If money is the issue you can convert a regular old ac or ac/dc stick welder like a tombstone or thunderbolt into a scratch start tig welder to weld aluminum.  But I'd only recommend it for practice or non-critical welds.  Safety first.


----------



## bassboy1 (Mar 2, 2011)

trial&error said:


> If money is the issue you can convert a regular old ac or ac/dc stick welder like a tombstone or thunderbolt into a scratch start tig welder to weld aluminum.  But I'd only recommend it for practice or non-critical welds.  Safety first.



'loominum doesn't like scratch starting.  ANY tungsten contamination will cause problems, and while the minimal amount of contamination caused by scratch starting doesn't cause issues with mild steel and stainless, it doesn't bode well when working with aluminum. 

It _can_ work, but will be insanely frustrating.


----------



## trial&error (Mar 3, 2011)

bassboy1 said:


> 'loominum doesn't like scratch starting.  ANY tungsten contamination will cause problems, and while the minimal amount of contamination caused by scratch starting doesn't cause issues with mild steel and stainless, it doesn't bode well when working with aluminum.
> 
> It _can_ work, but will be insanely frustrating.
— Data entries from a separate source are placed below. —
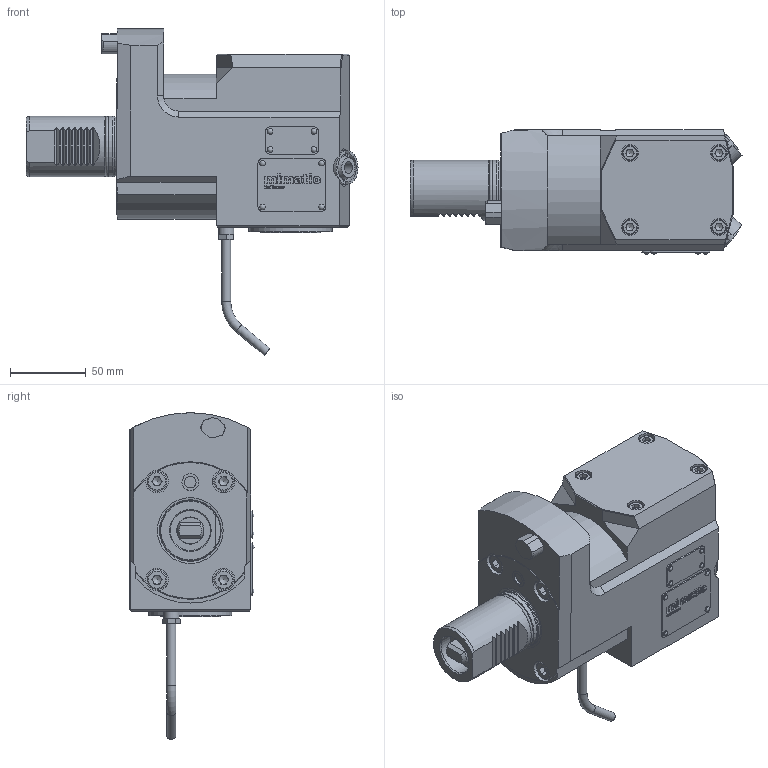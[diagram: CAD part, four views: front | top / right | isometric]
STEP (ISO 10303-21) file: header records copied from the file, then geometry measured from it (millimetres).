
FILE_DESCRIPTION(/* description */ (''),/* implementation_level */ '2;1');
FILE_NAME(/* name */ '201122-UNI',/* time_stamp */ '2023-05-11T08:58:05+02:00',/* author */ (''),/* organization */ (''),/* preprocessor_version */ 'ST-DEVELOPER v16.5',/* originating_system */ 'HiCAD 2017 2201.0 Build 268',/* authorisation */ '');
FILE_SCHEMA (('AUTOMOTIVE_DESIGN { 1 0 10303 214 1 1 1 1 }'));
Products named in the file (2): Root; Teil
Assembly tree (1 placements, depth 2):
  Root
    Teil
Bounding box: 219.69 x 82.35 x 216.17 mm (x, y, z)
Volume: 1331812.6 mm3; surface area: 107843.8 mm2
Topology: 1 solids, 10 shells, 843 faces, 2137 edges, 1386 vertices
Faces by surface type: plane 526, cylinder 149, cone 73, torus 45, bspline 42, sphere 8
Full cylindrical faces by diameter (mm): 2 x8, 2.2 x8, 4 x2, 6 x2, 7.65 x1, 8.1 x2, 10 x5, 11 x4, 11.01 x1, 13 x4, 15 x6, 17.8 x2, 18 x2, 22.5 x2, 25 x2, 26.5 x1, 31.5 x1, 36.5 x1, 39.4 x1, 40 x3, 55 x2
Entity records: 49118 total; most frequent: CARTESIAN_POINT 9808, DIRECTION 4039, PRESENTATION_STYLE_ASSIGNMENT 3977, DRAUGHTING_PRE_DEFINED_CURVE_FONT 3976, CURVE_STYLE 3976, OVER_RIDING_STYLED_ITEM 3976, ORIENTED_EDGE 3976, COLOUR_RGB 3922

Come out of your ivory towers my 300 amp tig is dead and if I repair any alum it will be with scratch start on copper.  Forget about commercial fabrication, he wanted to learn how to weld alum on boats didn't say hull welding.  Maybe you can loan him your personal $2000 welder, or maybe he can learn if it's something he really wants to pursue on the cheap.

And on critical welds I agree, but this could very well be backwoods engineering on john boats.  Lets be honest most people fix holes in them with silicone and wood screws.


----------



## Gaducker (Mar 4, 2011)

I use a miller 210 with a spool gun.


----------